Problem statement → Return each entry below without any alteration.

* * *

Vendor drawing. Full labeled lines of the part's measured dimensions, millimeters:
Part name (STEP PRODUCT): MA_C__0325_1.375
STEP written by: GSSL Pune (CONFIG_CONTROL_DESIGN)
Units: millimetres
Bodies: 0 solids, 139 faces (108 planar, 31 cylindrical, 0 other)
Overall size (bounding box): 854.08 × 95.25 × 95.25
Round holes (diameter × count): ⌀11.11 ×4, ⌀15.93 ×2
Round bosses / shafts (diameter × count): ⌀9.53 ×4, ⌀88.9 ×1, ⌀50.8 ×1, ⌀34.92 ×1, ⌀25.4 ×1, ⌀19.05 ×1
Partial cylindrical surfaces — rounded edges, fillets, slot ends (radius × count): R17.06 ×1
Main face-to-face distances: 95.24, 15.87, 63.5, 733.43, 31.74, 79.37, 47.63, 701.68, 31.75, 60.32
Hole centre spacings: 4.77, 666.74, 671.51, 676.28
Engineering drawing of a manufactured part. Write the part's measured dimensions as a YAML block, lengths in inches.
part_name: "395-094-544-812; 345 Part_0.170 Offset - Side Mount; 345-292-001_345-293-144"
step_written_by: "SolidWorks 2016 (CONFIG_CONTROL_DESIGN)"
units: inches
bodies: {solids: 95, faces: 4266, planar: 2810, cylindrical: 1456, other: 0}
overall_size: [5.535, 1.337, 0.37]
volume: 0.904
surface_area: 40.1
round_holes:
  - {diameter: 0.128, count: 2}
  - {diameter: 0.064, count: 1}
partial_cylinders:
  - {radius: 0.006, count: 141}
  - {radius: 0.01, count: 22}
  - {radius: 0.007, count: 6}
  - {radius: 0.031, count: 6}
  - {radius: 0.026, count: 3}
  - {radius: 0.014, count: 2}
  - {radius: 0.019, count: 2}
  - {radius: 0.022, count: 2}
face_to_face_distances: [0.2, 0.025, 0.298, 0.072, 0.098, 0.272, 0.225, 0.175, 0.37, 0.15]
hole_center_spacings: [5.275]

* * *

Solution to this task →
Vendor drawing. Full labeled lines of the part's measured dimensions, millimeters:
Part name (STEP PRODUCT): MA_C__0325_1.375
STEP written by: GSSL Pune (CONFIG_CONTROL_DESIGN)
Units: millimetres
Bodies: 0 solids, 139 faces (108 planar, 31 cylindrical, 0 other)
Overall size (bounding box): 854.08 × 95.25 × 95.25
Round holes (diameter × count): ⌀11.11 ×4, ⌀15.93 ×2
Round bosses / shafts (diameter × count): ⌀9.53 ×4, ⌀88.9 ×1, ⌀50.8 ×1, ⌀34.92 ×1, ⌀25.4 ×1, ⌀19.05 ×1
Partial cylindrical surfaces — rounded edges, fillets, slot ends (radius × count): R17.06 ×1
Main face-to-face distances: 95.24, 15.87, 63.5, 733.43, 31.74, 79.37, 47.63, 701.68, 31.75, 60.32
Hole centre spacings: 4.77, 666.74, 671.51, 676.28
Engineering drawing of a manufactured part. Write the part's measured dimensions as a YAML block, lengths in inches.
part_name: "395-094-544-812; 345 Part_0.170 Offset - Side Mount; 345-292-001_345-293-144"
step_written_by: "SolidWorks 2016 (CONFIG_CONTROL_DESIGN)"
units: inches
bodies: {solids: 95, faces: 4266, planar: 2810, cylindrical: 1456, other: 0}
overall_size: [5.535, 1.337, 0.37]
volume: 0.904
surface_area: 40.1
round_holes:
  - {diameter: 0.128, count: 2}
  - {diameter: 0.064, count: 1}
partial_cylinders:
  - {radius: 0.006, count: 141}
  - {radius: 0.01, count: 22}
  - {radius: 0.007, count: 6}
  - {radius: 0.031, count: 6}
  - {radius: 0.026, count: 3}
  - {radius: 0.014, count: 2}
  - {radius: 0.019, count: 2}
  - {radius: 0.022, count: 2}
face_to_face_distances: [0.2, 0.025, 0.298, 0.072, 0.098, 0.272, 0.225, 0.175, 0.37, 0.15]
hole_center_spacings: [5.275]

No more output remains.